Please set the lines down again exactly, from the top of the entries through the line that contains "doc.units = 0".
*-*-*
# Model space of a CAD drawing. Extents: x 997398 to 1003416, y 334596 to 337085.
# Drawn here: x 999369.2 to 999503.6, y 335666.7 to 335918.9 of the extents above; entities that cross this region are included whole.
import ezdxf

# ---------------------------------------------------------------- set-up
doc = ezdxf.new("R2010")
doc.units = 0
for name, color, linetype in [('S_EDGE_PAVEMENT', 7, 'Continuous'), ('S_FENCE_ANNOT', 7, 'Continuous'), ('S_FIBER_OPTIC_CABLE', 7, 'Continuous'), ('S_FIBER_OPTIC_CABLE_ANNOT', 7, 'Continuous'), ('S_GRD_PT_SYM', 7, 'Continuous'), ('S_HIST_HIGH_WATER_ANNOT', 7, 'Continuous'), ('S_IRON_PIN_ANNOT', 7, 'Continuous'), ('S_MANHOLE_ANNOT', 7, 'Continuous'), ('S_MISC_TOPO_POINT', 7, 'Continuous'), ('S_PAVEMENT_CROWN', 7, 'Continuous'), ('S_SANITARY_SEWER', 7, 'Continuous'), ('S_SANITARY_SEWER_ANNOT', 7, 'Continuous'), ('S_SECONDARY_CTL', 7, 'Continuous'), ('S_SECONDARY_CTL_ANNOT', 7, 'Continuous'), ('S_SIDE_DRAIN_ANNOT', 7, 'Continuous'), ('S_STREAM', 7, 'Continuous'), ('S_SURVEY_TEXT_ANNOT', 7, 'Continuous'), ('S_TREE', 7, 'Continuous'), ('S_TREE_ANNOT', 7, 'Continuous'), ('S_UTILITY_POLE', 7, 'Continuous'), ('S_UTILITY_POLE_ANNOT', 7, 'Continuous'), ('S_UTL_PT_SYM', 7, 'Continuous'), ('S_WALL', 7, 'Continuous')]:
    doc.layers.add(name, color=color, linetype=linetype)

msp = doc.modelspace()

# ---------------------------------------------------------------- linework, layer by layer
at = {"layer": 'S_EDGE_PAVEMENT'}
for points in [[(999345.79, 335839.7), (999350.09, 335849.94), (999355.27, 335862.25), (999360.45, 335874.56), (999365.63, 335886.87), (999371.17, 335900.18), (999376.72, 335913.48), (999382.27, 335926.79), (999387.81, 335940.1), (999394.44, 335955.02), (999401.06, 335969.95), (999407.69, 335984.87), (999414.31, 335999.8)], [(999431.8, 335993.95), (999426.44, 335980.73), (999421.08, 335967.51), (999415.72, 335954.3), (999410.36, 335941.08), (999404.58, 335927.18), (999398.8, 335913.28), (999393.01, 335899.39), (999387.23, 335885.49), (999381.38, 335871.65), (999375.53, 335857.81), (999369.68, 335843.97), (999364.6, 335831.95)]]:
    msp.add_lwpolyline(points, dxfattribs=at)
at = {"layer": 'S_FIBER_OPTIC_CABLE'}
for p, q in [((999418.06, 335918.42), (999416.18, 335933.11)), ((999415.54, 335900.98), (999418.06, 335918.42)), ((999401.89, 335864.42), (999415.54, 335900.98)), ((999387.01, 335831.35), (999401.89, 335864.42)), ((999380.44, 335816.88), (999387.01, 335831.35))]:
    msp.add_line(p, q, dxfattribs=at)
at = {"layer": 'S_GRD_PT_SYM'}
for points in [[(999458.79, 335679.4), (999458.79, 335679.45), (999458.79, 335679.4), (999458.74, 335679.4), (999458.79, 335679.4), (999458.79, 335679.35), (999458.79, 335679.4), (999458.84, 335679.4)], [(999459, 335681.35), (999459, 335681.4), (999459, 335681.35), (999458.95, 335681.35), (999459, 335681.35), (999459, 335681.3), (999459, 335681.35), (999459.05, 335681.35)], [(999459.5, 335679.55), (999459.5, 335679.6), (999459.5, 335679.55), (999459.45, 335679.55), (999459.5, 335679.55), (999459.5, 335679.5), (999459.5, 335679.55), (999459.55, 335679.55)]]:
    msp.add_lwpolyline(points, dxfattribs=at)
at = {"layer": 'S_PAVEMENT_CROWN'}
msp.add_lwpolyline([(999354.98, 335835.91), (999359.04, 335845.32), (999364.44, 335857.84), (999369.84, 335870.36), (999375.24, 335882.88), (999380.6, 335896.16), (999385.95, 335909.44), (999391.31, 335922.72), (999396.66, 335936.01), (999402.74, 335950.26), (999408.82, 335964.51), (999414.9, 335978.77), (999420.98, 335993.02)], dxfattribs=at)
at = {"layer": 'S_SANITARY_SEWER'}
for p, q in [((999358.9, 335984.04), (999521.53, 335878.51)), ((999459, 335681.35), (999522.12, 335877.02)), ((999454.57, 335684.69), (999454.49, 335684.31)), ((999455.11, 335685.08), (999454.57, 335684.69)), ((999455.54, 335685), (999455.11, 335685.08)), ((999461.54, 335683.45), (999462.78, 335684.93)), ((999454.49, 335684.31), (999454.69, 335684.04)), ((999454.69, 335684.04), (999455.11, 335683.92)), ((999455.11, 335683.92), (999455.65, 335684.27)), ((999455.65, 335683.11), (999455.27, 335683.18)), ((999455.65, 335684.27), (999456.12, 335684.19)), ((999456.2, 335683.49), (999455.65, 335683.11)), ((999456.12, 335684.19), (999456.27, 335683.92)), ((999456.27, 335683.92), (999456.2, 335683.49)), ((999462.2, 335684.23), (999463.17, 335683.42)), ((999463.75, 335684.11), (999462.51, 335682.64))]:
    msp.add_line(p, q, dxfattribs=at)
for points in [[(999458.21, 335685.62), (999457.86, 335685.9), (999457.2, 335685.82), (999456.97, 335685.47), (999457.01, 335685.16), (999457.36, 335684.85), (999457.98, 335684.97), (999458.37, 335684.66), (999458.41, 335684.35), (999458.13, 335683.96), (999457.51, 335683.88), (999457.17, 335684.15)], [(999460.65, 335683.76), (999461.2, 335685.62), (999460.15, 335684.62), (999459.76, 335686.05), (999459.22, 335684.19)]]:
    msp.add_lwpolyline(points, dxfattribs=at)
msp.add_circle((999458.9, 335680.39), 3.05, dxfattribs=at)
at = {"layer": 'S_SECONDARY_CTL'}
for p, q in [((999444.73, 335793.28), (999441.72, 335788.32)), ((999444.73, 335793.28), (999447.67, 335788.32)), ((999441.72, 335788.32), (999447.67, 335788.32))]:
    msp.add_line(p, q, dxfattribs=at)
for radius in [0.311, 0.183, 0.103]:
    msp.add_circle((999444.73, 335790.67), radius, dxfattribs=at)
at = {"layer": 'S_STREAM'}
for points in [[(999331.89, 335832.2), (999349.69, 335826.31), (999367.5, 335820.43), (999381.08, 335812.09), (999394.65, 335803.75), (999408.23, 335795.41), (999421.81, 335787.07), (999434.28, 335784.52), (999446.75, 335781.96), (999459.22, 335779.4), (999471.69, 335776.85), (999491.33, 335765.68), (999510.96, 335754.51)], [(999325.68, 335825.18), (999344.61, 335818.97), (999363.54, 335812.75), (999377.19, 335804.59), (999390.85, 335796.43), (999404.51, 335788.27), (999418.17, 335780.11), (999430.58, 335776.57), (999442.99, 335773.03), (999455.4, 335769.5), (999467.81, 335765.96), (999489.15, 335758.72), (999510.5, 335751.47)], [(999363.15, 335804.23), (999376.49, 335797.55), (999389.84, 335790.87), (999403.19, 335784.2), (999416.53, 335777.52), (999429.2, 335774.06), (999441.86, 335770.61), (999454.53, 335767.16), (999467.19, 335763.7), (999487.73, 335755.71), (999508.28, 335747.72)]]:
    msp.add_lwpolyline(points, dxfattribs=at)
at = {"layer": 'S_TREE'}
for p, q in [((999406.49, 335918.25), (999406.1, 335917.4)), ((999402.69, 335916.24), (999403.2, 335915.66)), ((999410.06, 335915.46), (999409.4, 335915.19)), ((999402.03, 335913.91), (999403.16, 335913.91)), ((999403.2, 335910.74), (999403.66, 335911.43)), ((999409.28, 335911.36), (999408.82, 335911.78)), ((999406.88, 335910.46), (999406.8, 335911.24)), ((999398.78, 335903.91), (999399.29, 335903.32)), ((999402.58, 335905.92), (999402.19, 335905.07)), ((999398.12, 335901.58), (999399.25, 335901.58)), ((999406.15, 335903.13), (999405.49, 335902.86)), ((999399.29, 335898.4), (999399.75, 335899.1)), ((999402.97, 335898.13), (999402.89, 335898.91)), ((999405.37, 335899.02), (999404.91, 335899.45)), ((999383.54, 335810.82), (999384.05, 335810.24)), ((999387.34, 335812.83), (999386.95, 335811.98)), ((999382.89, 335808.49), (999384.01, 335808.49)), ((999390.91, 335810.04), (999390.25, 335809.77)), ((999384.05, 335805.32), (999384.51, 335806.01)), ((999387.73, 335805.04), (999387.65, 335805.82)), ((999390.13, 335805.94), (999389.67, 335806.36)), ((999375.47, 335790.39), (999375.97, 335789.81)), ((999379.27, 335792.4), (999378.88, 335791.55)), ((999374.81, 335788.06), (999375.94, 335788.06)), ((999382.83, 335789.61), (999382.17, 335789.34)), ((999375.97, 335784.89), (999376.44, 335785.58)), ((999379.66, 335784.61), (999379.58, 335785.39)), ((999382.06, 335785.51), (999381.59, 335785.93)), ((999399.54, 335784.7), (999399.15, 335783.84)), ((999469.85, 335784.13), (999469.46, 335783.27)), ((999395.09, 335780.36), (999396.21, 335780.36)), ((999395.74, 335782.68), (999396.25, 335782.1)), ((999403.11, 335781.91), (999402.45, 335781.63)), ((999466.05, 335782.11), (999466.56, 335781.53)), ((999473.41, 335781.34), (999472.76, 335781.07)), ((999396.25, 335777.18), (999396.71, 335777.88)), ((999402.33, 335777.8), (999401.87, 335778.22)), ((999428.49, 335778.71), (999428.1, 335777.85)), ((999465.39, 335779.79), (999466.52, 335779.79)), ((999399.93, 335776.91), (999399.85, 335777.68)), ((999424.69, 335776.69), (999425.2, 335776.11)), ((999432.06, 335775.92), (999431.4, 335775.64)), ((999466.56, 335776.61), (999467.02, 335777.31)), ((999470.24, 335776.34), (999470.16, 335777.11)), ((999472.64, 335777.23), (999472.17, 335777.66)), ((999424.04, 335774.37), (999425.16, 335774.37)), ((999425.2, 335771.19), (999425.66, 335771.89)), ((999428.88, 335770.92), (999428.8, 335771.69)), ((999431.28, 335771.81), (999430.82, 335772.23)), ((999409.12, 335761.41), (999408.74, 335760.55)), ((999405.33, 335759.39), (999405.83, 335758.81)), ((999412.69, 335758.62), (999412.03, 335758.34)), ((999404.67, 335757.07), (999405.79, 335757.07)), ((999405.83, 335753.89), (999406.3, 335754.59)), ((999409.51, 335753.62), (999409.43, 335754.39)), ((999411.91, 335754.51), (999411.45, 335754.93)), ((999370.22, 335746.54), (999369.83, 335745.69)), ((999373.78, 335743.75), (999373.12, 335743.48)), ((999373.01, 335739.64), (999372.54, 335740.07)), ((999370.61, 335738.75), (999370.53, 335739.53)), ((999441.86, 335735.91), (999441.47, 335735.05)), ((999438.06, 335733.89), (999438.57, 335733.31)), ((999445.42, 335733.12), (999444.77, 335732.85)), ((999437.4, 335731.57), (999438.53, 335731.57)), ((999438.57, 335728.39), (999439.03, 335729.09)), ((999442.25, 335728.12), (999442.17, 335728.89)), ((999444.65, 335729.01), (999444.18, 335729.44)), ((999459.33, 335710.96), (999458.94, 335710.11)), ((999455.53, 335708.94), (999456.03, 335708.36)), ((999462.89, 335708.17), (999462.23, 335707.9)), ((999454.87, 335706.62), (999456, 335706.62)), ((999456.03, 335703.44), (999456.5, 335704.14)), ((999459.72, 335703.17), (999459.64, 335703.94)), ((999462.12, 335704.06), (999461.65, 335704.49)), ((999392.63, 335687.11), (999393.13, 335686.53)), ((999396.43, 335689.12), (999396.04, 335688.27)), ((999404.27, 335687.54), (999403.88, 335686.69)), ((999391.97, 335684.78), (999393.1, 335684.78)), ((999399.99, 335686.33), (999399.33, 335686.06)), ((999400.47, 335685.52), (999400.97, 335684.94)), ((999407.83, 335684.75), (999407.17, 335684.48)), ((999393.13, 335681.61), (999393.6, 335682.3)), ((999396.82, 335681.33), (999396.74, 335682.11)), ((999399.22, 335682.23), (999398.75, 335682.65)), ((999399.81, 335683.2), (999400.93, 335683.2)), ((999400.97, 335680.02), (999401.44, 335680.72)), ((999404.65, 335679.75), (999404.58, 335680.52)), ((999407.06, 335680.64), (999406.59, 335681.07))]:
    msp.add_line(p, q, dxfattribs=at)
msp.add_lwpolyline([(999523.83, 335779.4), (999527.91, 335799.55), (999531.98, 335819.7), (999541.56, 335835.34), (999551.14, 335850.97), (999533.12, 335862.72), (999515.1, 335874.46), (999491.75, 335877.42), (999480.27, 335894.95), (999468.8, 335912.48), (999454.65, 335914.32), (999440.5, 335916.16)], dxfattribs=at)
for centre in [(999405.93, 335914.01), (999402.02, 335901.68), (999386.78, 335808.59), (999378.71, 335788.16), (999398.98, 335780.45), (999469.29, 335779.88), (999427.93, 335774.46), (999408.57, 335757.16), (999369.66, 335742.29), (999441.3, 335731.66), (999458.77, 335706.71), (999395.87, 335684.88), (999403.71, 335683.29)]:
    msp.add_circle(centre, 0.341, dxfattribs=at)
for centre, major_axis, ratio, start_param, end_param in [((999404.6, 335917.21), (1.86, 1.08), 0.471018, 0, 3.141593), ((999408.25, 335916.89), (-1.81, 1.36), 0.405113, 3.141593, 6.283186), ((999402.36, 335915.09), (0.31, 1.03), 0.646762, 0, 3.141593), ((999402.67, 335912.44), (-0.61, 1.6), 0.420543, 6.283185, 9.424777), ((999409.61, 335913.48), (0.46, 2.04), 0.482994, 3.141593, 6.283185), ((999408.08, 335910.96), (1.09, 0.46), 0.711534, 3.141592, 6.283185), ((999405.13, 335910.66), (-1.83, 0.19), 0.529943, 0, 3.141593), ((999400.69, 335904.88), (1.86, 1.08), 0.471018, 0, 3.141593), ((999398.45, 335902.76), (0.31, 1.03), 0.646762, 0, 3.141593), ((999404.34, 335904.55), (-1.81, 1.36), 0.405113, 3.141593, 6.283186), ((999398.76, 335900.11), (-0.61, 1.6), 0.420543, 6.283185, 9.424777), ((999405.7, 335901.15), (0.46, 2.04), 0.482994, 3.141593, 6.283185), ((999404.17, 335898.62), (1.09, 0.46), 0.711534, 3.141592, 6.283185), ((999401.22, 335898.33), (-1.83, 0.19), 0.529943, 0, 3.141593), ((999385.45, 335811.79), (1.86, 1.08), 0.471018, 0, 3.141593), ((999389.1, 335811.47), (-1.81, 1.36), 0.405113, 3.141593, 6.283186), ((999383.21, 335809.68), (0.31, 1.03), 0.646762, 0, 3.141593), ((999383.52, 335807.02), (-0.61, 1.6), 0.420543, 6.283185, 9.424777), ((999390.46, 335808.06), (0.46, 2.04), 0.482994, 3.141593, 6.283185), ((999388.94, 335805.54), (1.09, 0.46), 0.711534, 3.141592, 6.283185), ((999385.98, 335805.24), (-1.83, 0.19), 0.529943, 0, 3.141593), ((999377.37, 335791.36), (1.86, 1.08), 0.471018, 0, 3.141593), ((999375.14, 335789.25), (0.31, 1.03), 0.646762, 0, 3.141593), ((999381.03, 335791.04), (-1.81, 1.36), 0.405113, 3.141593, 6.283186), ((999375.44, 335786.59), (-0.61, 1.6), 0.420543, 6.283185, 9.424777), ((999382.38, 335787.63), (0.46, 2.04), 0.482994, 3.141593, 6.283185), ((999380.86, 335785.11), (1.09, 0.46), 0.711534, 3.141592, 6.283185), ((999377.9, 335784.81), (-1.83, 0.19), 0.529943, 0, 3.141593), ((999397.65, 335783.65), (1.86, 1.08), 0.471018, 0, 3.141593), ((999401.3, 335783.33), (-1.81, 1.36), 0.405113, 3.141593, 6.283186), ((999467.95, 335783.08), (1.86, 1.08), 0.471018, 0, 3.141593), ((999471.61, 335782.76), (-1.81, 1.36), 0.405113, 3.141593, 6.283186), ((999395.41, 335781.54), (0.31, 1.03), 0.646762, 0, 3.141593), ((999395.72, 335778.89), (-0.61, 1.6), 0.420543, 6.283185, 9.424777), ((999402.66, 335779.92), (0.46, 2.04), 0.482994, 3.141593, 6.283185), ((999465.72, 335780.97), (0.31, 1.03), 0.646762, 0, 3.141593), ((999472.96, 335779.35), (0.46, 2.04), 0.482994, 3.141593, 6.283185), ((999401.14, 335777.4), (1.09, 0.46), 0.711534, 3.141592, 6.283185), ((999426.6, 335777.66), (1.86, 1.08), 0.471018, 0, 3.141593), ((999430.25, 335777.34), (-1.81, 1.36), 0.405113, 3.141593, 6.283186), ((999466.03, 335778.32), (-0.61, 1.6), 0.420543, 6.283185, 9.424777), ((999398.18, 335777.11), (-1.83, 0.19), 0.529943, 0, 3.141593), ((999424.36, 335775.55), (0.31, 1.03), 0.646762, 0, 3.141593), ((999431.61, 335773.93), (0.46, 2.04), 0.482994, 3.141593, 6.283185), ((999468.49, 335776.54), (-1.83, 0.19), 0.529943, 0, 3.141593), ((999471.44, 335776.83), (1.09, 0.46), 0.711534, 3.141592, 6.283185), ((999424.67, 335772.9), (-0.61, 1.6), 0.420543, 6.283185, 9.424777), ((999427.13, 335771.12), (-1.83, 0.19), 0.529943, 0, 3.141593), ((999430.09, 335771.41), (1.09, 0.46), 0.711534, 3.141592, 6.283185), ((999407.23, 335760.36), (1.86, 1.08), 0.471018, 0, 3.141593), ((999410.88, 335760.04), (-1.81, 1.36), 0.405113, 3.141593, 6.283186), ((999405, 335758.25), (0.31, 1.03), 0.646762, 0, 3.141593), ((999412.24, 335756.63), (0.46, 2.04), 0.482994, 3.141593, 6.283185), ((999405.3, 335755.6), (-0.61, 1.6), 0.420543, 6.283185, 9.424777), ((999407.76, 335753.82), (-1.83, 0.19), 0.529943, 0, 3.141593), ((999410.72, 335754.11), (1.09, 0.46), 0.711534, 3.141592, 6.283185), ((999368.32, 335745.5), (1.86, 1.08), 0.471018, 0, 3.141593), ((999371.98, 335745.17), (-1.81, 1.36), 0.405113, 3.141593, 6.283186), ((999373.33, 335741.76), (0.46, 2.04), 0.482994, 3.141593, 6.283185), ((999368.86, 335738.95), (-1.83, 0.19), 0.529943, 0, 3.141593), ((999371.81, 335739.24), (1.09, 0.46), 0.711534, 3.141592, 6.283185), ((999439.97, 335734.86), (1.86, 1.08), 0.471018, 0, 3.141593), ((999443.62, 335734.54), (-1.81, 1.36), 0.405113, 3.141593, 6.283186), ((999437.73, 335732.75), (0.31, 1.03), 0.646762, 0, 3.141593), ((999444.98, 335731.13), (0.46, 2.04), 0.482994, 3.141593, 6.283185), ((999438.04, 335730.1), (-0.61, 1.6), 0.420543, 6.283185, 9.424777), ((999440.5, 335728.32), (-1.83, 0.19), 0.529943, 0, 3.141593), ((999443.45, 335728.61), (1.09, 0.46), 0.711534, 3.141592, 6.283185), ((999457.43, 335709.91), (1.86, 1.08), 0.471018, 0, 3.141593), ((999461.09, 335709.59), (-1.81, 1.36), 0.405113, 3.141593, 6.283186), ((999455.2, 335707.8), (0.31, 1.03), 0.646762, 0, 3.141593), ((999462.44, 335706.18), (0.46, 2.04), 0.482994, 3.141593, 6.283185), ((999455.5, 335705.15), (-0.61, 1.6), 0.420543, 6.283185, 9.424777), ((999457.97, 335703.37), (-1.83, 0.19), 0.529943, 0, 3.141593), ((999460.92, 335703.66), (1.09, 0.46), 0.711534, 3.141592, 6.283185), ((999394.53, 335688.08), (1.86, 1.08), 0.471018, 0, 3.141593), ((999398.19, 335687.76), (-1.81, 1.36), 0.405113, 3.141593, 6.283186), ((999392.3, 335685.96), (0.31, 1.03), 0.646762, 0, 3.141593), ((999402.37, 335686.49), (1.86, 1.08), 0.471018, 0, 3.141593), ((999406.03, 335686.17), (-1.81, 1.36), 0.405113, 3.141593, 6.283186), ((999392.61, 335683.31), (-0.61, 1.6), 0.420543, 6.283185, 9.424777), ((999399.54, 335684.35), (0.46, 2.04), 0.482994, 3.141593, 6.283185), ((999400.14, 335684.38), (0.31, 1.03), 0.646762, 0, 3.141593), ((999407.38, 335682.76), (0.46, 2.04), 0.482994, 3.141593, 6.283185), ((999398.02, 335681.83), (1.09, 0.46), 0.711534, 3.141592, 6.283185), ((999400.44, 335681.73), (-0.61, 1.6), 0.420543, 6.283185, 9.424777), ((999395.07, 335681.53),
*-*-*
* EXPECTED ANSWER
# Model space of a CAD drawing. Extents: x 997398 to 1003416, y 334596 to 337085.
# Drawn here: x 999369.2 to 999503.6, y 335666.7 to 335918.9 of the extents above; entities that cross this region are included whole.
import ezdxf

# ---------------------------------------------------------------- set-up
doc = ezdxf.new("R2010")
doc.units = 0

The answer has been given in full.